§ **SUPPLIED DATA**:
========================================
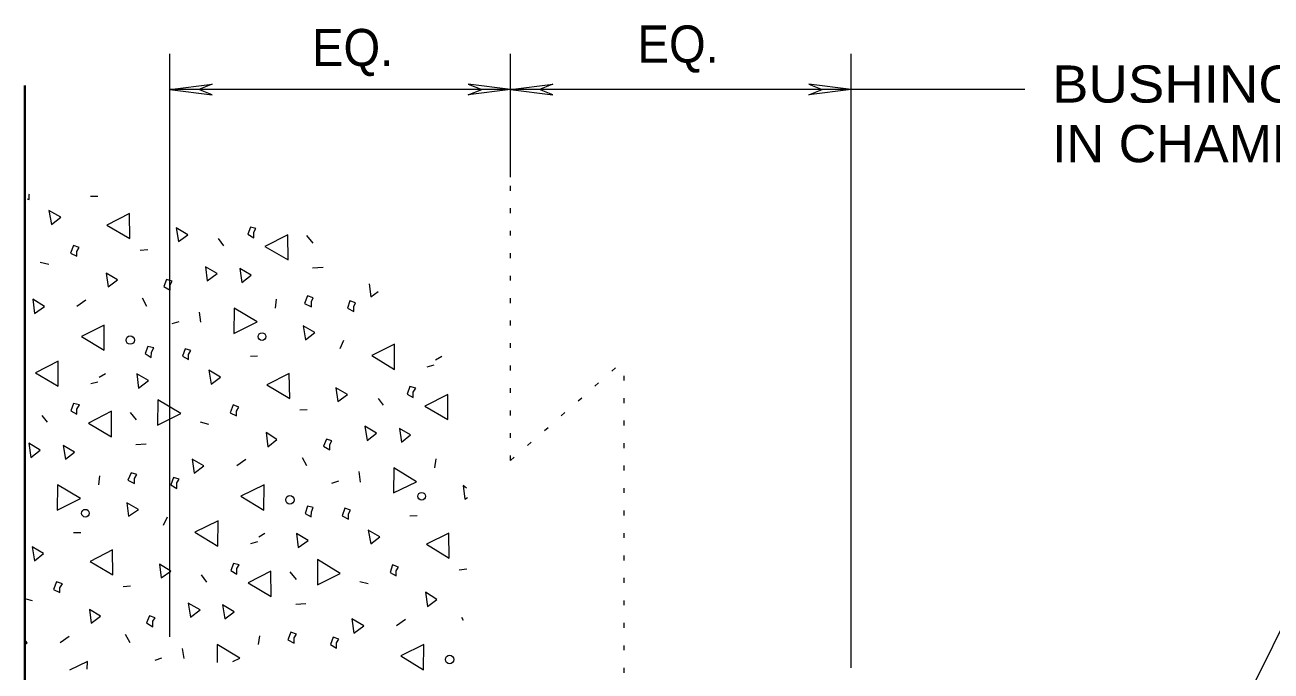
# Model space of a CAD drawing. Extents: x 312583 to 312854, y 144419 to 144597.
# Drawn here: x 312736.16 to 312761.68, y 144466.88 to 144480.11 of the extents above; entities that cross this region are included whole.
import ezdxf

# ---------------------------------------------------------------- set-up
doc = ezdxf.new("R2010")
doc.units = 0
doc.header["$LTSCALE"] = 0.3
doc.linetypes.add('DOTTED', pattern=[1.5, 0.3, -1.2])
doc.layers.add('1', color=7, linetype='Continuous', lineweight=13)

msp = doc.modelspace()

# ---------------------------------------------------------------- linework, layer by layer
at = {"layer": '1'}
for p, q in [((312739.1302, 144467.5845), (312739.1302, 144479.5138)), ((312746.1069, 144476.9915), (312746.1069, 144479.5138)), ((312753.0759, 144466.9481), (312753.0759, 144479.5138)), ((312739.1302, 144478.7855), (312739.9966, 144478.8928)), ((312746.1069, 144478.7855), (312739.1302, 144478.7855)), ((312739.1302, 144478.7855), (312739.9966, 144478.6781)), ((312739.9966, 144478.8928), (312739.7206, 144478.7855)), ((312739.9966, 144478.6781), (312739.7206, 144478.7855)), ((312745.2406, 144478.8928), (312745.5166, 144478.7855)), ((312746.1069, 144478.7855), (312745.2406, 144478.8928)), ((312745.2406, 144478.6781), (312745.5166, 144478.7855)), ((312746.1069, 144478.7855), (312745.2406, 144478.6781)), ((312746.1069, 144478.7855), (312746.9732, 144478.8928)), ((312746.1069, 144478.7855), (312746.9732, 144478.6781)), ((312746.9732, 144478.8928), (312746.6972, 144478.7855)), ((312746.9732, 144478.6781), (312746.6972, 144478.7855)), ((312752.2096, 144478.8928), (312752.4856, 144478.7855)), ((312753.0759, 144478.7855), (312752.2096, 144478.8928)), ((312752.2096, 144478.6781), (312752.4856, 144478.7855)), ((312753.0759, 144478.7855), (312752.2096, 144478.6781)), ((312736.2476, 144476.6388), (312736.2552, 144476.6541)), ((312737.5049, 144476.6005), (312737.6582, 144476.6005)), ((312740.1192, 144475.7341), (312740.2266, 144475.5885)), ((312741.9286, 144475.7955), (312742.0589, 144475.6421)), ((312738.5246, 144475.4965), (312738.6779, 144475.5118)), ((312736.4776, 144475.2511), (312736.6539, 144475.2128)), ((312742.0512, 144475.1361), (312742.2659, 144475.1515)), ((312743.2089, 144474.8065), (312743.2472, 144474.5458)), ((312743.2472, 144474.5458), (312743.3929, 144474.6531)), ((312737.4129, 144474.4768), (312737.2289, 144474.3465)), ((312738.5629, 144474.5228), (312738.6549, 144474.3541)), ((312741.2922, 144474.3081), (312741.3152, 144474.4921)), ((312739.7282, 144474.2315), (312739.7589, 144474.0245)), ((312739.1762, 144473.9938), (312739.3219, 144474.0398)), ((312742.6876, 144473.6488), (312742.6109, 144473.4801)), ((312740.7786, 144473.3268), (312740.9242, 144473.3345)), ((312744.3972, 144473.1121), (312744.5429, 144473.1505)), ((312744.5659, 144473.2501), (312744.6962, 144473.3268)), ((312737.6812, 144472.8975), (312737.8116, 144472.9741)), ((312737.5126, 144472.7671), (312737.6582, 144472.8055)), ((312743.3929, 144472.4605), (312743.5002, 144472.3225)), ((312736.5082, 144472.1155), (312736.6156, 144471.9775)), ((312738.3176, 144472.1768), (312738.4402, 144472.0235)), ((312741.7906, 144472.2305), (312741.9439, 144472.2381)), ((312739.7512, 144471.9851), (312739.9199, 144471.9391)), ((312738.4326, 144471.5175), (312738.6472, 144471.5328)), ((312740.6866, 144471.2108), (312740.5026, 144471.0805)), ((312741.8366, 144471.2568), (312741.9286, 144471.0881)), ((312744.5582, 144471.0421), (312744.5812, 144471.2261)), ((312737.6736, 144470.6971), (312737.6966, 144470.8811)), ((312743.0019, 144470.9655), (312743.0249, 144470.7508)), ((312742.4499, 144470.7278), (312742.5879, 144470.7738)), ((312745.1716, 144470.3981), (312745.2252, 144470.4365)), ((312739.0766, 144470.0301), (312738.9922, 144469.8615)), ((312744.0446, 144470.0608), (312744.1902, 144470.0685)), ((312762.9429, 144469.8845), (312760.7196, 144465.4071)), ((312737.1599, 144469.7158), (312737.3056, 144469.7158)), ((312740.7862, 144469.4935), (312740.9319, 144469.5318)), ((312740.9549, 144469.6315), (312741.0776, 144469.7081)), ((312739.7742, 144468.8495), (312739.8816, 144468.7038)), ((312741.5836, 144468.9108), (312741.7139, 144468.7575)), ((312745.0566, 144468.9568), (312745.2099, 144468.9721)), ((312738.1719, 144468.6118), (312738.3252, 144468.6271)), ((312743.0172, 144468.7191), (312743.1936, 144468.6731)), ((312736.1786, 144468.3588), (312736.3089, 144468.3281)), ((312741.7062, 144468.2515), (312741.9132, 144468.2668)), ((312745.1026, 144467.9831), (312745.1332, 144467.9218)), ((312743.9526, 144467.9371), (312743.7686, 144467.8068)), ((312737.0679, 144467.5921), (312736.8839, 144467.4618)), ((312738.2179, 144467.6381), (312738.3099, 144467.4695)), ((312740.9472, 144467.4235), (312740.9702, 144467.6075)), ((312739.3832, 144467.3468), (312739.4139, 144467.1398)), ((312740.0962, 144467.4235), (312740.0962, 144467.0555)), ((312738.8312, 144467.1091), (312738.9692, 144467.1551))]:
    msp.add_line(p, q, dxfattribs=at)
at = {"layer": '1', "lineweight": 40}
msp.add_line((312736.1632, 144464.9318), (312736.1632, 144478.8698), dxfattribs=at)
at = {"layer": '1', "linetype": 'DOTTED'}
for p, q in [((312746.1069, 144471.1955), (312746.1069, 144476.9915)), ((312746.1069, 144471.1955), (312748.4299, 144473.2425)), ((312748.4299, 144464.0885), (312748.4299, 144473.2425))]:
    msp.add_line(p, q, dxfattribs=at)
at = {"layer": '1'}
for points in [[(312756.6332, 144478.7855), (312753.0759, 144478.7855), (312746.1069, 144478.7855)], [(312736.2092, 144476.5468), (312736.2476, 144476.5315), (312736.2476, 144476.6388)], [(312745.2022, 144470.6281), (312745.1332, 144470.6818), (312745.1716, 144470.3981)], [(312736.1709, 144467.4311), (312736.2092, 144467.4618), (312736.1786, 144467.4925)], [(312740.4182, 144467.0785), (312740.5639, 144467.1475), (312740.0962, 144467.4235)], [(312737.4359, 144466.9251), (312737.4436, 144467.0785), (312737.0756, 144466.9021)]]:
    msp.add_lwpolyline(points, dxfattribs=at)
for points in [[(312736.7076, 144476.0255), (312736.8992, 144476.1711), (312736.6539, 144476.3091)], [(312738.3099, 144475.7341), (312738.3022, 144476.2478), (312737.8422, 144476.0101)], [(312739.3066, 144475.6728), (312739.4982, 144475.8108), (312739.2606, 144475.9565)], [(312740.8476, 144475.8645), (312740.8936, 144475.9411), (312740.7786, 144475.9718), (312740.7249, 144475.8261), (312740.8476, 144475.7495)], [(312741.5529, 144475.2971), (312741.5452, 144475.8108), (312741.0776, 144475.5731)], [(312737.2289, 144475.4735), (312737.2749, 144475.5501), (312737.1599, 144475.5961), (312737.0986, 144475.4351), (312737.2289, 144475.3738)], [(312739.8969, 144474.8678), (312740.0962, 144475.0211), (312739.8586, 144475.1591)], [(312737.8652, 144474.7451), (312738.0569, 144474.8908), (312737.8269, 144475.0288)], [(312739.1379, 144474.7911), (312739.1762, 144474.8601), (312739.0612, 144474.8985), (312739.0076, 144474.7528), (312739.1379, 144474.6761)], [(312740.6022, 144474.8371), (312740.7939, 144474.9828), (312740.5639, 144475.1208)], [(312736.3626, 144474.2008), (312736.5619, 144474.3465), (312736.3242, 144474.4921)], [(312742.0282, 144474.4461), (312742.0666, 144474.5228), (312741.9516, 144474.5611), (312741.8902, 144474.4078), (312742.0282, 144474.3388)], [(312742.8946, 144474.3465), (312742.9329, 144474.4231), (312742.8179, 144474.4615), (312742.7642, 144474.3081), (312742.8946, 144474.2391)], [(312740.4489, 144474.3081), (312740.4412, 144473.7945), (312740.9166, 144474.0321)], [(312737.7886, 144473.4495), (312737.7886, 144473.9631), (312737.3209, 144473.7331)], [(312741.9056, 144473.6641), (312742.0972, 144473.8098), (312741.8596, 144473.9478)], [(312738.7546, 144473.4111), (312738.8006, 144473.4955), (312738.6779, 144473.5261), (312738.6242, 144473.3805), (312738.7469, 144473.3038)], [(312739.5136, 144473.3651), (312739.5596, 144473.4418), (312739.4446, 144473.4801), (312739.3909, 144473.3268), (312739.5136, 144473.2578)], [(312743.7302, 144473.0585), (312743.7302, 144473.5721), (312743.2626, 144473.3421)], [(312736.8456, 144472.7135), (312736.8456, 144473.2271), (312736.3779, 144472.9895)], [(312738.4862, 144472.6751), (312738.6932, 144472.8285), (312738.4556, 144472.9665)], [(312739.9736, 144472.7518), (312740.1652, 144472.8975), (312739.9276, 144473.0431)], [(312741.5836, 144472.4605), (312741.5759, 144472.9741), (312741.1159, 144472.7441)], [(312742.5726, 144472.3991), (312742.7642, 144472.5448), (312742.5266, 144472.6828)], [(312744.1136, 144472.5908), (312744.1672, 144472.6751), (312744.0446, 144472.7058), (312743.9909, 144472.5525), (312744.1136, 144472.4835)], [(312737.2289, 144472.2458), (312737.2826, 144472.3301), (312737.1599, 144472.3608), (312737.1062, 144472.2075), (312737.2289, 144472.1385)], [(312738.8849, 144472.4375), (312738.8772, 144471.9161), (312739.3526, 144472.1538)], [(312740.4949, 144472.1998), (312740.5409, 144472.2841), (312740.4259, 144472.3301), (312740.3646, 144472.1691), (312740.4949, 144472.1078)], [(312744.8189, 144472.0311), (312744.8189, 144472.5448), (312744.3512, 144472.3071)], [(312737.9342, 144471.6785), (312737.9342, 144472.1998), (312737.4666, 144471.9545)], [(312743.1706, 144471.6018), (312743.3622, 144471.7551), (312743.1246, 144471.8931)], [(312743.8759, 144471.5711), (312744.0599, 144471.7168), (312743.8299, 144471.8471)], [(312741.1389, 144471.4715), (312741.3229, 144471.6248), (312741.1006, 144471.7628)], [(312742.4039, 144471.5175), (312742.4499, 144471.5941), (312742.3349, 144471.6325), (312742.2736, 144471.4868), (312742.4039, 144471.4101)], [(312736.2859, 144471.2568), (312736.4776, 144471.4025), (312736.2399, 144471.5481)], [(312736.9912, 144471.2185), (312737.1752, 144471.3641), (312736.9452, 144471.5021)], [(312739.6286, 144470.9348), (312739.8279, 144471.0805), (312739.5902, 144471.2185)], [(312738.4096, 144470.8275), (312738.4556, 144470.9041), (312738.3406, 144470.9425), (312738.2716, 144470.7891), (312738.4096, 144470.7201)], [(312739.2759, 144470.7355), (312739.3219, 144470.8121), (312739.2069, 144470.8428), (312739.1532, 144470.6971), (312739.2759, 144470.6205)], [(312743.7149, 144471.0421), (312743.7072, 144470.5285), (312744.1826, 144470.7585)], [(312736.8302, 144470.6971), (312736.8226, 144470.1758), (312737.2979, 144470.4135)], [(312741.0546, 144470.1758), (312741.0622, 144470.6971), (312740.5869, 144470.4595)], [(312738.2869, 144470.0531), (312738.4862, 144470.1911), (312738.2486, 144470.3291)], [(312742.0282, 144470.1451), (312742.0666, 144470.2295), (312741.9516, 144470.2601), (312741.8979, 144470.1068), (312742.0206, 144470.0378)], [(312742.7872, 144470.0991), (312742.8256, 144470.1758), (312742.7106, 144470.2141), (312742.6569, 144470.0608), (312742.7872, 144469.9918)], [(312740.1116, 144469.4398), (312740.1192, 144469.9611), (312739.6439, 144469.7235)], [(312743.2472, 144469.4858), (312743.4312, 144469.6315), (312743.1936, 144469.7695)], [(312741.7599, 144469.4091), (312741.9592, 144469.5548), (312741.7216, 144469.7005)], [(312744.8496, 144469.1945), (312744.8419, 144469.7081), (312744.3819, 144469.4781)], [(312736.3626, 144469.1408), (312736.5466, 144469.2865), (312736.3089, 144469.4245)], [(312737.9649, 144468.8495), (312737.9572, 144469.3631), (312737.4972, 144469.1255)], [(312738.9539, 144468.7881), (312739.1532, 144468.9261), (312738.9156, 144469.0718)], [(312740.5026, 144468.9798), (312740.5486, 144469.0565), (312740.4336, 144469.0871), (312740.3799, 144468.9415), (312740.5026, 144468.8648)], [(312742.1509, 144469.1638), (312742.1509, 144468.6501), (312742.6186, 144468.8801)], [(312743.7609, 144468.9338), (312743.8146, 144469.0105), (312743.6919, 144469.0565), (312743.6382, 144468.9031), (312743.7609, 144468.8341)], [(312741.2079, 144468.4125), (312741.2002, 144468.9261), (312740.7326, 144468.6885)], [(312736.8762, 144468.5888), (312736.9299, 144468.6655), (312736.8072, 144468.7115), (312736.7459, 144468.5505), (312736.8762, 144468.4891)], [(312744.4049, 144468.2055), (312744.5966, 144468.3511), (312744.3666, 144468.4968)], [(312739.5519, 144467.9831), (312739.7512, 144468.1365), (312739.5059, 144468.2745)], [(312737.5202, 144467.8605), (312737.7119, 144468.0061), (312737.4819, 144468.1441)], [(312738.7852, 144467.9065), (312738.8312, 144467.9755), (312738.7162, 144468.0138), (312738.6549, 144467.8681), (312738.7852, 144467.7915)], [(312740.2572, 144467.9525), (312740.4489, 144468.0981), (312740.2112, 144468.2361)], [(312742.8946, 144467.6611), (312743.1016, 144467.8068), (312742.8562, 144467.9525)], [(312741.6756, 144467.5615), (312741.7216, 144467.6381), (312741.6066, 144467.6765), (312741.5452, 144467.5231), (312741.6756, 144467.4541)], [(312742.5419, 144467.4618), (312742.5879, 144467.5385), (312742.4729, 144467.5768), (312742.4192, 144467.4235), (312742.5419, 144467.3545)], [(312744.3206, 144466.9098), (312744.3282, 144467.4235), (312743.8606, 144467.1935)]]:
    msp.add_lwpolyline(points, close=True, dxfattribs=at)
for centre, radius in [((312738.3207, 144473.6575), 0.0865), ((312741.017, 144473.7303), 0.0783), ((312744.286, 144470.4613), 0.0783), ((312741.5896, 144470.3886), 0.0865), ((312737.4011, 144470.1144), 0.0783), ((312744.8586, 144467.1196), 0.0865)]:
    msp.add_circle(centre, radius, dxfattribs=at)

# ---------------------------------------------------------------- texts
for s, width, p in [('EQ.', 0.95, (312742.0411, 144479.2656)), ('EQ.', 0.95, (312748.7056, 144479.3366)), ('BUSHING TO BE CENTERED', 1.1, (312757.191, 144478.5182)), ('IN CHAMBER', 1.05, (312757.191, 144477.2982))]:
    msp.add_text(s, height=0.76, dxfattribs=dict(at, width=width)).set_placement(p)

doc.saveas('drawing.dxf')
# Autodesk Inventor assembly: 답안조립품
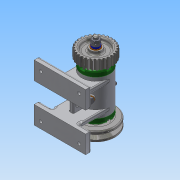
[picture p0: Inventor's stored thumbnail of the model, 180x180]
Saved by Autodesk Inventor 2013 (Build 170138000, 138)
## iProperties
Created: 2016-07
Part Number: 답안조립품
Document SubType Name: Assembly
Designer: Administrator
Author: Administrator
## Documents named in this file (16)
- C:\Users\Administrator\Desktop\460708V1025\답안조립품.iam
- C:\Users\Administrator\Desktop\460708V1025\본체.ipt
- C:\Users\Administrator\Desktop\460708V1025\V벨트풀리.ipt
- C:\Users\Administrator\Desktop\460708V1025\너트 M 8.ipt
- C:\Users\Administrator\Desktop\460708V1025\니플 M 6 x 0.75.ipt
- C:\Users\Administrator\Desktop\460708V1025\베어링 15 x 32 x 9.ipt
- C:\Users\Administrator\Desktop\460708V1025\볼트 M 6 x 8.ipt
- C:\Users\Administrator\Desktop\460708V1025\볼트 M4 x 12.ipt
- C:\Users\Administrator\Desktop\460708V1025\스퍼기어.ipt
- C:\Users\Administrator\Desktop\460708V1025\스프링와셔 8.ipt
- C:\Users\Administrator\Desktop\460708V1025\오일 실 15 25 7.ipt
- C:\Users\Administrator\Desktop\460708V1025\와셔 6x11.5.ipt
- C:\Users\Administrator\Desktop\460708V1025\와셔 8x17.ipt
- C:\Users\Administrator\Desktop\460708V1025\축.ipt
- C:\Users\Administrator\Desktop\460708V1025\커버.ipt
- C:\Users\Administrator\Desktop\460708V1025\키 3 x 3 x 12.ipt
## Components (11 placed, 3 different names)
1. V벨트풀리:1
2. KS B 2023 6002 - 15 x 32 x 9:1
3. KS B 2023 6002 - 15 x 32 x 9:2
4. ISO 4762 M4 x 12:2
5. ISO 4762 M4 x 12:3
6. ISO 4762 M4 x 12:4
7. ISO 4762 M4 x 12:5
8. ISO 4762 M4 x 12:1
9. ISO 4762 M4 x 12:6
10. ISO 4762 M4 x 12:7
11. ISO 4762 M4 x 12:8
========================================
Please give the number of lines in the listing that hold "this", and no other text.

2